■ TASK BRIEF:
All of the data below should be printed again word for word, pictures excluded.

═════ RECORDED INFORMATION ═════

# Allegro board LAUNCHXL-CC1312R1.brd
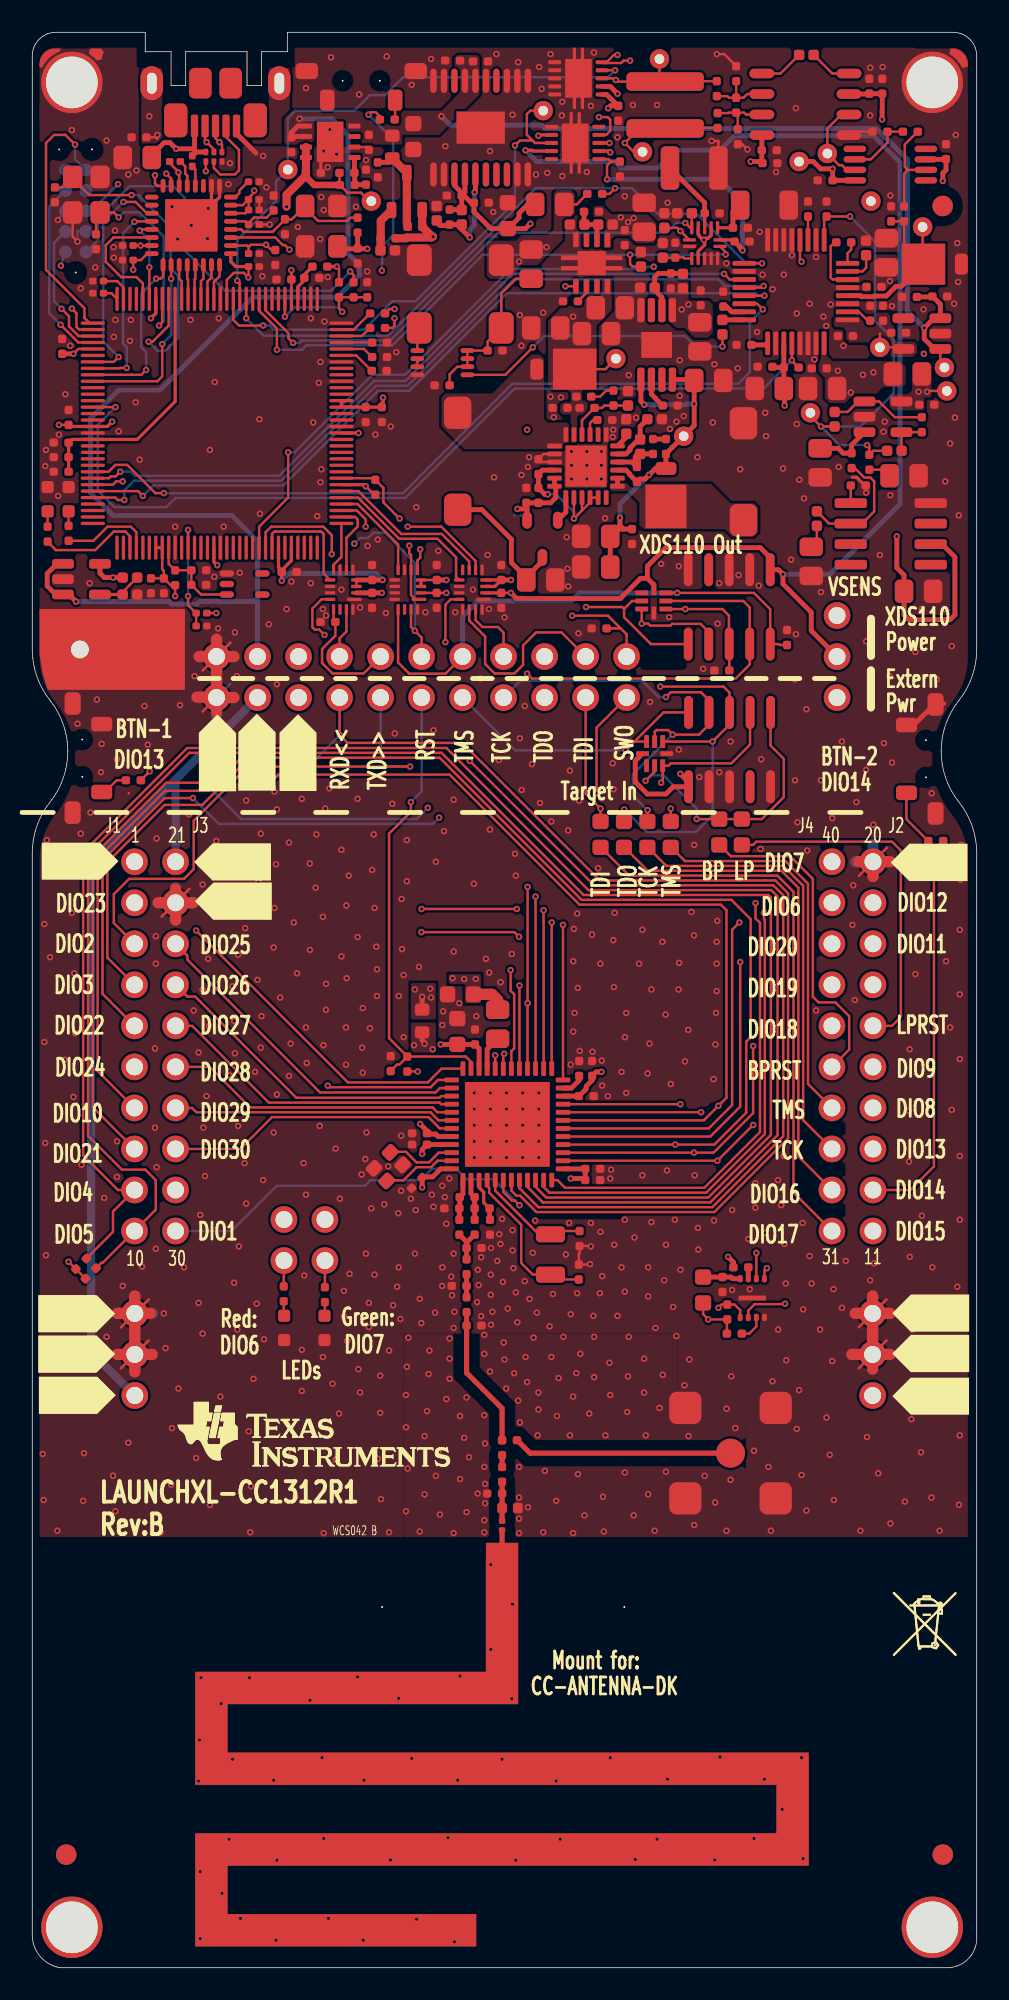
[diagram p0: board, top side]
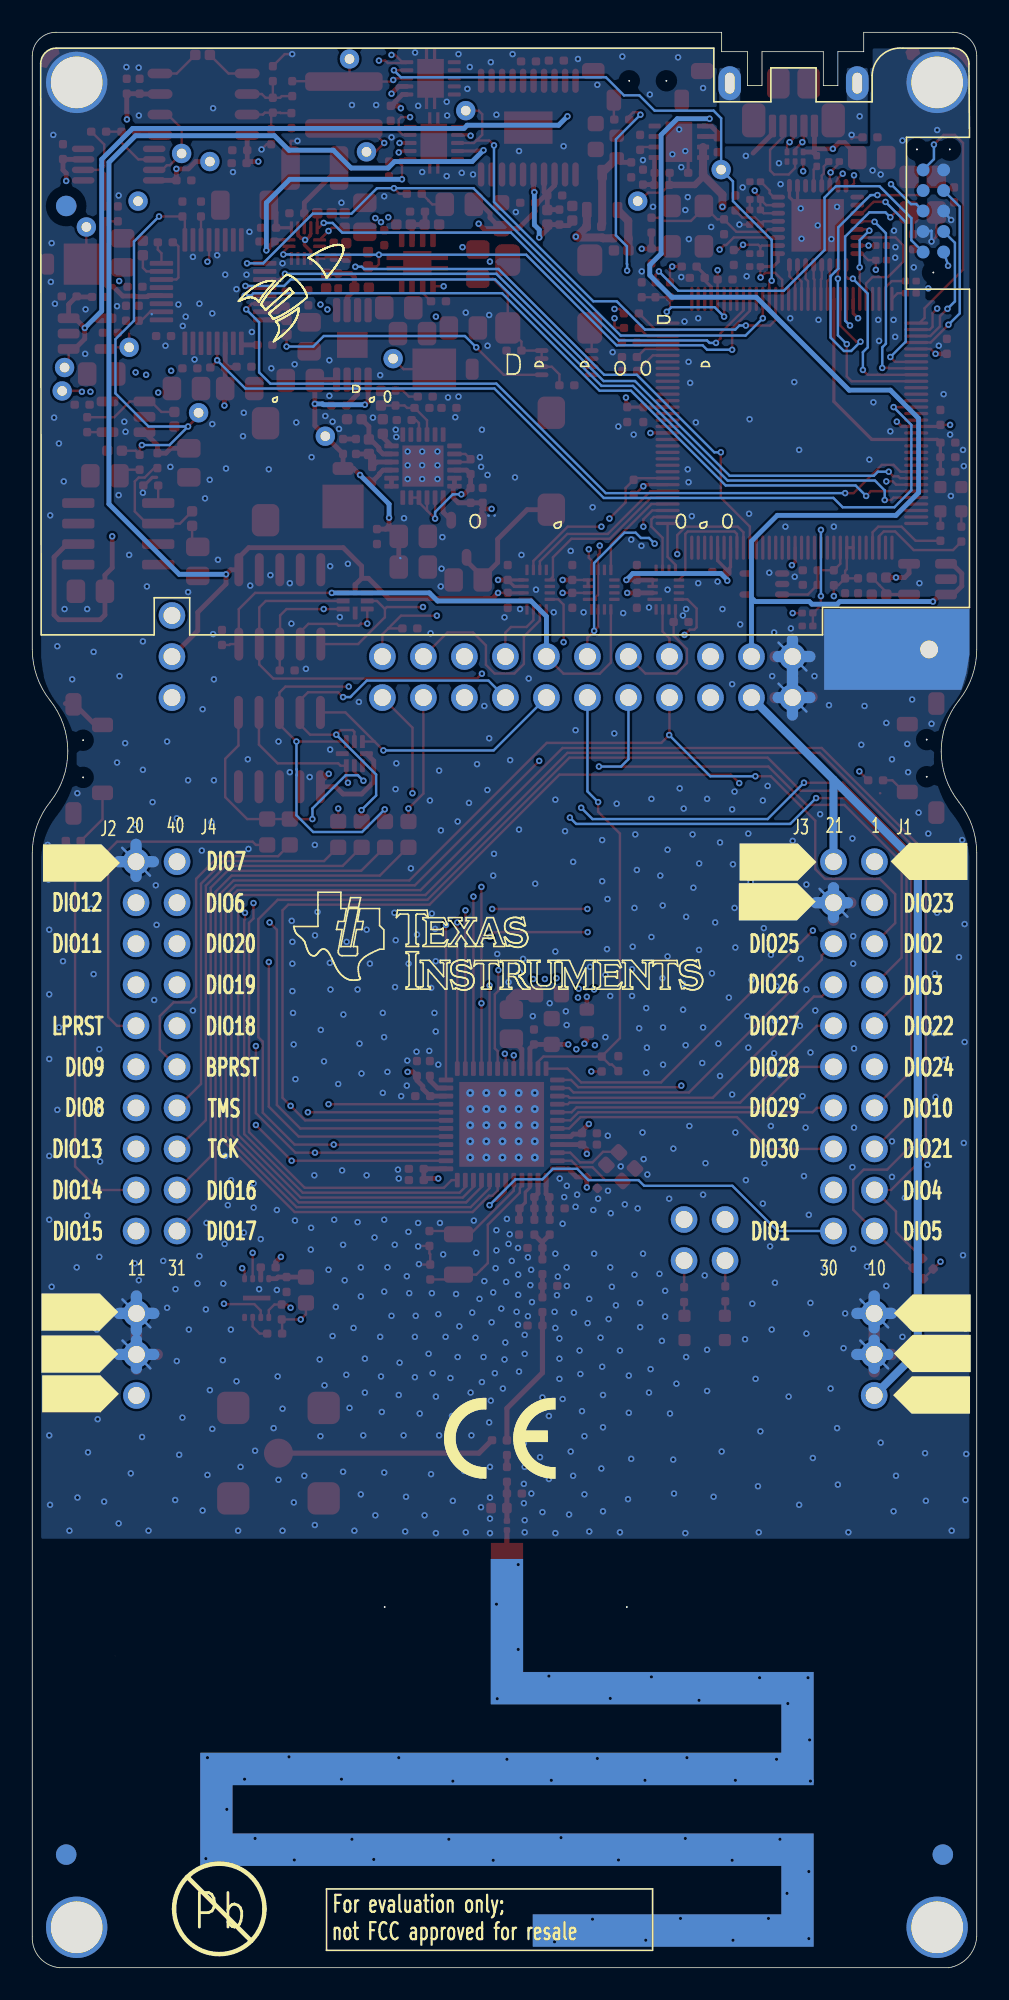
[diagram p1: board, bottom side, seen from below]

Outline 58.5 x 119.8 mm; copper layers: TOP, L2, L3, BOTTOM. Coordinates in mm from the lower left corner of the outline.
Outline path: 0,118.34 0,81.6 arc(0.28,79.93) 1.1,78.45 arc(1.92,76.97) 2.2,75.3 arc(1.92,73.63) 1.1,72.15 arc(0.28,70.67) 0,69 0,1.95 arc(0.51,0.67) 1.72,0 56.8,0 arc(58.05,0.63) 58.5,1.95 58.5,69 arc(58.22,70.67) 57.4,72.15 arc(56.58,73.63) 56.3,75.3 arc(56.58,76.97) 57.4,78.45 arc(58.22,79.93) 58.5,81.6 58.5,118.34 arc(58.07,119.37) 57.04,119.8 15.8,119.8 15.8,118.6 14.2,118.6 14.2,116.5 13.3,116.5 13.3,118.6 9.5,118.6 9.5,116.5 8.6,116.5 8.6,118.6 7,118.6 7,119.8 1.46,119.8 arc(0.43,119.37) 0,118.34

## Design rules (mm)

═════

■ REPLY:
# Allegro board LAUNCHXL-CC1312R1.brd
[diagram p0: board, top side]
[diagram p1: board, bottom side, seen from below]

Outline 58.5 x 119.8 mm; copper layers: TOP, L2, L3, BOTTOM. Coordinates in mm from the lower left corner of the outline.
Outline path: 0,118.34 0,81.6 arc(0.28,79.93) 1.1,78.45 arc(1.92,76.97) 2.2,75.3 arc(1.92,73.63) 1.1,72.15 arc(0.28,70.67) 0,69 0,1.95 arc(0.51,0.67) 1.72,0 56.8,0 arc(58.05,0.63) 58.5,1.95 58.5,69 arc(58.22,70.67) 57.4,72.15 arc(56.58,73.63) 56.3,75.3 arc(56.58,76.97) 57.4,78.45 arc(58.22,79.93) 58.5,81.6 58.5,118.34 arc(58.07,119.37) 57.04,119.8 15.8,119.8 15.8,118.6 14.2,118.6 14.2,116.5 13.3,116.5 13.3,118.6 9.5,118.6 9.5,116.5 8.6,116.5 8.6,118.6 7,118.6 7,119.8 1.46,119.8 arc(0.43,119.37) 0,118.34

## Design rules (mm)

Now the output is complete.